● **Extracted data**
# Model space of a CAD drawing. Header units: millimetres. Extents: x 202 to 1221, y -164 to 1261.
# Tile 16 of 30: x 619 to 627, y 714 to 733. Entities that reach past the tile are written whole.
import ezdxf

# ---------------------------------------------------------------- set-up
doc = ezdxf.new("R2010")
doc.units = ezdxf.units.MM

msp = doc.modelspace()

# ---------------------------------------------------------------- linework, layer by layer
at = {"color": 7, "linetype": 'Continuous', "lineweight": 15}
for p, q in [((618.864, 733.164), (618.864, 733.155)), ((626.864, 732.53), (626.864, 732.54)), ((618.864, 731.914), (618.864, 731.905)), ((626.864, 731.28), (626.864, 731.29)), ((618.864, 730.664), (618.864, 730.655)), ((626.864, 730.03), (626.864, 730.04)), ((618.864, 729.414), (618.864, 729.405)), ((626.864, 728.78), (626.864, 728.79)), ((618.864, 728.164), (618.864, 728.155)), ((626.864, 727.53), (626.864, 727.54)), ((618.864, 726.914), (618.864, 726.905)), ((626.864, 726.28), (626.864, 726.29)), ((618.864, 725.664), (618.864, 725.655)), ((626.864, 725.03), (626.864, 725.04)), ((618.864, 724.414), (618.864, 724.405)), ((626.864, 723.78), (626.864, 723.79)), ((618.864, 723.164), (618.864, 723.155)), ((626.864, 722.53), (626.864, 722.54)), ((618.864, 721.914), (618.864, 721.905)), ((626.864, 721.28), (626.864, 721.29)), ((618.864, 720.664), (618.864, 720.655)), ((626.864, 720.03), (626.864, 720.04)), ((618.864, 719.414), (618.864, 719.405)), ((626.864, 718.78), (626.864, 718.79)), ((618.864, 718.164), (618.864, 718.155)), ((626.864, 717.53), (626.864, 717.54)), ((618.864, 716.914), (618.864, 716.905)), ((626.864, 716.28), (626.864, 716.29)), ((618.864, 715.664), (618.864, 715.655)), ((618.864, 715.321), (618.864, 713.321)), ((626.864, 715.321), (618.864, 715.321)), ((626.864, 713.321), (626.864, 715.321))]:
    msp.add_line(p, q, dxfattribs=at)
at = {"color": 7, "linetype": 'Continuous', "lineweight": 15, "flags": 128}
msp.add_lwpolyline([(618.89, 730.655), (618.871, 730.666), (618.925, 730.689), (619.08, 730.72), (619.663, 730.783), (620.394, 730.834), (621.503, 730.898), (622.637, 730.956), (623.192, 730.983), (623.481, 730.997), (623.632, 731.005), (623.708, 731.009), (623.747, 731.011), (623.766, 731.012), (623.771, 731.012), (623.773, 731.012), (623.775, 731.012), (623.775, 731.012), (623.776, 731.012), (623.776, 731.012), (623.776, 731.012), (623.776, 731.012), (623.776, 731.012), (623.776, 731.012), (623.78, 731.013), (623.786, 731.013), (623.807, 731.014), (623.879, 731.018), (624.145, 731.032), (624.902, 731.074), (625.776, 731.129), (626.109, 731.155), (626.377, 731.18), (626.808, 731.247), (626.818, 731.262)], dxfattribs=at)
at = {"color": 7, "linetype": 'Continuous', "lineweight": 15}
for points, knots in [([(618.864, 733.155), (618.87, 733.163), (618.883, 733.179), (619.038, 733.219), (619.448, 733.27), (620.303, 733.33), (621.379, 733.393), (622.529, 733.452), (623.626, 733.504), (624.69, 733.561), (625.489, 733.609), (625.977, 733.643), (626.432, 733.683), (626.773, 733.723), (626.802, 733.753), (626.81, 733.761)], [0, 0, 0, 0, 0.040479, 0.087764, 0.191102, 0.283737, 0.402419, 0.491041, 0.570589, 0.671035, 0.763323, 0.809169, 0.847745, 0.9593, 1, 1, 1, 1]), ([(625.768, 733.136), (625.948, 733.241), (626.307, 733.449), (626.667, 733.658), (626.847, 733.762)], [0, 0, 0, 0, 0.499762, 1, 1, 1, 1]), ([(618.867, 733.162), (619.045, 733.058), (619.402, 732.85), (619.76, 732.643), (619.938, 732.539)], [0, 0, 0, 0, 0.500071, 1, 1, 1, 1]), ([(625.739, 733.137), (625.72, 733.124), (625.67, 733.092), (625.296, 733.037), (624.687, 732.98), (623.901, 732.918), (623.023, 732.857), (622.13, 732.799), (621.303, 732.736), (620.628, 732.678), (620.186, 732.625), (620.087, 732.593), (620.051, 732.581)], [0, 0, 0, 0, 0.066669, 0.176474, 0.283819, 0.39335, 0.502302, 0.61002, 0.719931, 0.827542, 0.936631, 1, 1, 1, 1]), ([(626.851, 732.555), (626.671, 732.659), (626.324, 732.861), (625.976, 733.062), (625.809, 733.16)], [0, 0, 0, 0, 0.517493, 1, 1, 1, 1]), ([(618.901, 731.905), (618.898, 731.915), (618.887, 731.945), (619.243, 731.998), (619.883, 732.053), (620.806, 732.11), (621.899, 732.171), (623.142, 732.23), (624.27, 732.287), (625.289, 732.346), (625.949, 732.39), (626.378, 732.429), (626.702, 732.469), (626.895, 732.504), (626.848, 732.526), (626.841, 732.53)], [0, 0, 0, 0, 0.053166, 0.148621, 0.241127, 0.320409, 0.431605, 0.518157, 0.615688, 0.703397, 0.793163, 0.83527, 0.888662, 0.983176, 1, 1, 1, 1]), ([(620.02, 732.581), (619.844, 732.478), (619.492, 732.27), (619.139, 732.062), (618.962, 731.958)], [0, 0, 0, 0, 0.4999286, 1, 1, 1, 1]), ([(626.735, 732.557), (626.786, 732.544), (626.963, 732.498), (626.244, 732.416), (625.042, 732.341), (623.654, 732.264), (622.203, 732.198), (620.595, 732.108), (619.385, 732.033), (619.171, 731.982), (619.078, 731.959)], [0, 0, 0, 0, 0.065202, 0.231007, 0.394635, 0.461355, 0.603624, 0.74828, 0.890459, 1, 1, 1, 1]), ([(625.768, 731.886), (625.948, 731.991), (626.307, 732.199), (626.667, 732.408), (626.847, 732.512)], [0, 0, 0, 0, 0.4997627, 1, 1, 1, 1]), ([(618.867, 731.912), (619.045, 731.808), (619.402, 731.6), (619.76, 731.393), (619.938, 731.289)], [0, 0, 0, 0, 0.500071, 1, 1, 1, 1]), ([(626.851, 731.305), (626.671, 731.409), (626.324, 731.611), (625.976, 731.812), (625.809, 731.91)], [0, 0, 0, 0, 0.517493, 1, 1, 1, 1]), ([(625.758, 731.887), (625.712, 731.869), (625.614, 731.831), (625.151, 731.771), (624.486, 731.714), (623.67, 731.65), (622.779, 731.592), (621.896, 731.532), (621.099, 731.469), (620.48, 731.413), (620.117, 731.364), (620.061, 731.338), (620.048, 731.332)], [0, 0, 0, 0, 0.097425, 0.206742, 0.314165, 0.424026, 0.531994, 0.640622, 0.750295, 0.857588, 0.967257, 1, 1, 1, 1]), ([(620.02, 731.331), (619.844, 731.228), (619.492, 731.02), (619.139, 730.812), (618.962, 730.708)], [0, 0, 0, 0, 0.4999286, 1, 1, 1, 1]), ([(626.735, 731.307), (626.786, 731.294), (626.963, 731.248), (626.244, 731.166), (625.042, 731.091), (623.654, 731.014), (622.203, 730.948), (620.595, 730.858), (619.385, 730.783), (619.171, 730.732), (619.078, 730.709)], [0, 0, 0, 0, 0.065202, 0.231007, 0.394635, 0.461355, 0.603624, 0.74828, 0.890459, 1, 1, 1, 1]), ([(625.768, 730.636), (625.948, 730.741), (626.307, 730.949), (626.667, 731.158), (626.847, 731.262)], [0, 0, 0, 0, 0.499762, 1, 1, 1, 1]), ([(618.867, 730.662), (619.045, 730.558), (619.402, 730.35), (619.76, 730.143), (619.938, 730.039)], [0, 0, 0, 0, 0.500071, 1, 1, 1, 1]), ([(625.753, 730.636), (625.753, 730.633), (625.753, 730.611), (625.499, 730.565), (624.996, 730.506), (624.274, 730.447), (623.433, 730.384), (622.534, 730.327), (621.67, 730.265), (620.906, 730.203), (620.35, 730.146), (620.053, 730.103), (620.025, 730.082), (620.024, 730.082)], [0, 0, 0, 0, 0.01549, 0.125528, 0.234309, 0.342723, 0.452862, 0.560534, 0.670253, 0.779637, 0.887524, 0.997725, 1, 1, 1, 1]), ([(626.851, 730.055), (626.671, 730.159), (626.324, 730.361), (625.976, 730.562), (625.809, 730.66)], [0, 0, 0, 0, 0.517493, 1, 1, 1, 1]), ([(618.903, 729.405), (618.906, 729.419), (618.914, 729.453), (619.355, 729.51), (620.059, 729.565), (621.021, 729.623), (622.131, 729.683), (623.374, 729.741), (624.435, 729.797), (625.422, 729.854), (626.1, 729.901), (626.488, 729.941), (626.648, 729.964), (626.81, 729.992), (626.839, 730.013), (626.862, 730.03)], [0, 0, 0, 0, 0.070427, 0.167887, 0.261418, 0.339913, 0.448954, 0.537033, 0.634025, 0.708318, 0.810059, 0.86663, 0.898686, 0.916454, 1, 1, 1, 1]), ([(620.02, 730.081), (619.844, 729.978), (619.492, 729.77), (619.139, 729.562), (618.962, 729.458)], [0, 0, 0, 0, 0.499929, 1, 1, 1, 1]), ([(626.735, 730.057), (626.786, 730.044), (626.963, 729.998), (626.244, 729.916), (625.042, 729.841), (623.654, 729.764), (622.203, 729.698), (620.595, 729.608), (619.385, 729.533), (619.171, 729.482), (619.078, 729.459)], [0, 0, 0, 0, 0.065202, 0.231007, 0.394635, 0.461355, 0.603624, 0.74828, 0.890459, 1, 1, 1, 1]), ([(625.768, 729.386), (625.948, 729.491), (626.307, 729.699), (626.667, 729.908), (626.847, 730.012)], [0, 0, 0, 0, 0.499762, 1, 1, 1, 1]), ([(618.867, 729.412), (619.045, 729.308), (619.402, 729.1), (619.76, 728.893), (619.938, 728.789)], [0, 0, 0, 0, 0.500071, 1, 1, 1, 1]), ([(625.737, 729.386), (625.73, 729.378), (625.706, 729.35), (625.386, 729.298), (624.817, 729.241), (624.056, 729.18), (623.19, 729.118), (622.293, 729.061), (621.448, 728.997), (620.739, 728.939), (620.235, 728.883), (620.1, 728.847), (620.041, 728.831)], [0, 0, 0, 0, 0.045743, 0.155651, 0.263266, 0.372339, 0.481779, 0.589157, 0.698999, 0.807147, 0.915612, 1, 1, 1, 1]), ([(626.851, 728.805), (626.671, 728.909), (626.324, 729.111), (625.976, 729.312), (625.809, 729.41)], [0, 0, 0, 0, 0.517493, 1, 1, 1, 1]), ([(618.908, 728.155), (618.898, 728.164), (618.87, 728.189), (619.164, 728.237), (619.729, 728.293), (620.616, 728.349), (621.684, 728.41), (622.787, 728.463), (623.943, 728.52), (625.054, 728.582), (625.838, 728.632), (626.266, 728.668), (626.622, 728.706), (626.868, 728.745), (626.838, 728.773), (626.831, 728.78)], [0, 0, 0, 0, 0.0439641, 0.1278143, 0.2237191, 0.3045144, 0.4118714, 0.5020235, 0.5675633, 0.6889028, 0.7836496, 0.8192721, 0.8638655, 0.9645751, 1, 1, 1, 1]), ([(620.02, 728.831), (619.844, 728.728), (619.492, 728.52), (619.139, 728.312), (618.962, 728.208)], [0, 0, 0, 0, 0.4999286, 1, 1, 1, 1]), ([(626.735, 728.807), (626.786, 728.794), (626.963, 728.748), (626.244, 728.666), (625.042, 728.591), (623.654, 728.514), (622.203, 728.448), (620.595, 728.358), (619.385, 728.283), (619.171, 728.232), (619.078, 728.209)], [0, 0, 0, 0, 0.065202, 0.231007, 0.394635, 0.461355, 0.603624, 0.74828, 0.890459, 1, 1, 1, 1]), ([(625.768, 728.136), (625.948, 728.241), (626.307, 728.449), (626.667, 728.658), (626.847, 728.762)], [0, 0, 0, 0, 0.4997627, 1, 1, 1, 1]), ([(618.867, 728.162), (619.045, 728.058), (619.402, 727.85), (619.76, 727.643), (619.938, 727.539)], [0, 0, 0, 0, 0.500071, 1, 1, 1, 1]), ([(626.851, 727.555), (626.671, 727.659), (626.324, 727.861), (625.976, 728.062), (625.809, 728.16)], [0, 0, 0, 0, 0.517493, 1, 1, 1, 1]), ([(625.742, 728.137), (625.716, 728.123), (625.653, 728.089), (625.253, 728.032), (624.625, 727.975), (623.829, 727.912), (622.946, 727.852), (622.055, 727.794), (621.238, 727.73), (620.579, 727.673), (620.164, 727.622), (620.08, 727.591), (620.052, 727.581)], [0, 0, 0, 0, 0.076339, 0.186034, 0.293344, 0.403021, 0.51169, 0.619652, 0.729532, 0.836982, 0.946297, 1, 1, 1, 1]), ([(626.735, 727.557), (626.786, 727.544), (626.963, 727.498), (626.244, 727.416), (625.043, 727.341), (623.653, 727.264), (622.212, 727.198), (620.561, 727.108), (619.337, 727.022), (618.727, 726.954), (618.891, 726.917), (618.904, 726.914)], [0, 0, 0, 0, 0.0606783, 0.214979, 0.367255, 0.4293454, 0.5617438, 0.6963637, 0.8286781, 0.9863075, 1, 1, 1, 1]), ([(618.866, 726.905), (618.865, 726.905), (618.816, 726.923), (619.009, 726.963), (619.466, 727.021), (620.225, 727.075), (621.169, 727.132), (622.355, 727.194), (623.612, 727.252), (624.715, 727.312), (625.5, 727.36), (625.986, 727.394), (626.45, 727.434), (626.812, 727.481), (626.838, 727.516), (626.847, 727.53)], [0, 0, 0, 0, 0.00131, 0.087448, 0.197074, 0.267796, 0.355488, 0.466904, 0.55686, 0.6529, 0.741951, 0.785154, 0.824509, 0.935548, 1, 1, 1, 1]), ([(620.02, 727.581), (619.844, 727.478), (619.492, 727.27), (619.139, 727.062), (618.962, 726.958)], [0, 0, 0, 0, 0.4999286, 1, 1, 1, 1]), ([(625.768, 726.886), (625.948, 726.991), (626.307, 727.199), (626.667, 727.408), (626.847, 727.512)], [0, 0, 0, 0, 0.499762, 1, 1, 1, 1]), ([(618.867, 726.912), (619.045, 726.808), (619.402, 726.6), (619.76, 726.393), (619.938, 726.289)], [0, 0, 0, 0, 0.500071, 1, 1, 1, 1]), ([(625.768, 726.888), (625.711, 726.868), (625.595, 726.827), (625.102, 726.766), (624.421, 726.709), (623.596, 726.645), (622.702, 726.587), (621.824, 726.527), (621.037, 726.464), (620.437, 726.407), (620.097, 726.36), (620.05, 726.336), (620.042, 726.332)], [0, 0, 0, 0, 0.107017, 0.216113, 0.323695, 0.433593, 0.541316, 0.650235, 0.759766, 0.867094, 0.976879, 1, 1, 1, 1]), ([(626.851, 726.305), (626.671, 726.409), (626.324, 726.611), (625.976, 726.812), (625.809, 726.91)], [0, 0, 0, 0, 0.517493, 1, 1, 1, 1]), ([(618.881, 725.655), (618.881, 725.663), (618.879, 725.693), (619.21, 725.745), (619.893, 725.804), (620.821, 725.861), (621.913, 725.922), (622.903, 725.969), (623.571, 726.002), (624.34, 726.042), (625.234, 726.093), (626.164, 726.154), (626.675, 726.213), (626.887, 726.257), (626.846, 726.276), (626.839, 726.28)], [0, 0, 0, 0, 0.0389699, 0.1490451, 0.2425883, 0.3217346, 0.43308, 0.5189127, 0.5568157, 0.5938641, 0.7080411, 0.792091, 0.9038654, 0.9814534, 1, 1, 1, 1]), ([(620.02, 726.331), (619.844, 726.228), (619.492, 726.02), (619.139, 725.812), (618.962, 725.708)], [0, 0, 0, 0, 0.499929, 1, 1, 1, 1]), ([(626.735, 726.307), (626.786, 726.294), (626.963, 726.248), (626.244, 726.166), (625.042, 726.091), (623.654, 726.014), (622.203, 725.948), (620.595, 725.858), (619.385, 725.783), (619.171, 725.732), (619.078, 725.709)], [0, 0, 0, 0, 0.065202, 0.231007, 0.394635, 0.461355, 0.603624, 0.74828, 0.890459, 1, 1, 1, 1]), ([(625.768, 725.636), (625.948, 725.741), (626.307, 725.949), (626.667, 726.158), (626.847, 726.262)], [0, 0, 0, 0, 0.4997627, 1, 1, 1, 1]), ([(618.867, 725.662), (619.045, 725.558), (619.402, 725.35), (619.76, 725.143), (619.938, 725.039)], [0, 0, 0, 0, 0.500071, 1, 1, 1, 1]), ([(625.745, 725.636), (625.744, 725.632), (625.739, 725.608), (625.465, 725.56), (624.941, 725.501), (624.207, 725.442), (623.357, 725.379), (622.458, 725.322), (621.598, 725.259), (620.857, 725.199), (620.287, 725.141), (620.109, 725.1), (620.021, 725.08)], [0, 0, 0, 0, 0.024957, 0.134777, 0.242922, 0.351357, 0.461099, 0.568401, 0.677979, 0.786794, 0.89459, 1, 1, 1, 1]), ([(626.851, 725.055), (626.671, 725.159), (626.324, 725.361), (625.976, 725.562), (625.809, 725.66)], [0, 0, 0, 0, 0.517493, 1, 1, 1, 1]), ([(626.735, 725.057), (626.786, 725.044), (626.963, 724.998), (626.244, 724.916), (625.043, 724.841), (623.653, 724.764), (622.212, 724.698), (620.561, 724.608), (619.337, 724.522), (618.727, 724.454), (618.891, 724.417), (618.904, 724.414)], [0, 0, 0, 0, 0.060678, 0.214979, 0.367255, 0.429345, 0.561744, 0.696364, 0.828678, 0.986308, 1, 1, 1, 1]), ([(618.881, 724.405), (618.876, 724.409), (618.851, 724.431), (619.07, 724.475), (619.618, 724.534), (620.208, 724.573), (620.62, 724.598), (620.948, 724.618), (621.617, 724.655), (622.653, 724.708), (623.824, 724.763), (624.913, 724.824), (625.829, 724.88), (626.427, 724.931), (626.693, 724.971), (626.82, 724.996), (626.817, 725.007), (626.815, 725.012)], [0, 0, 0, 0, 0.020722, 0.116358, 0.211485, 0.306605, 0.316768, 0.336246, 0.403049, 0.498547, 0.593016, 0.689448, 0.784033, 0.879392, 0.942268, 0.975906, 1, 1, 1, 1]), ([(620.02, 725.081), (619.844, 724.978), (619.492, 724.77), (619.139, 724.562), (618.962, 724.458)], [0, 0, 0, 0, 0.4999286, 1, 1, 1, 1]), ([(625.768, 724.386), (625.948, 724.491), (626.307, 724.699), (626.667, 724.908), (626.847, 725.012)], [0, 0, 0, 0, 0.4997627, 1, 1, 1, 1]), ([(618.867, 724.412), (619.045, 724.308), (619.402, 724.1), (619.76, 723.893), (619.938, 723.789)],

● **Task brief**
Using the listing above, return all lines where the word "ezdxf" occurs.

● **Solution for this task**
import ezdxf
doc = ezdxf.new("R2010")
doc.units = ezdxf.units.MM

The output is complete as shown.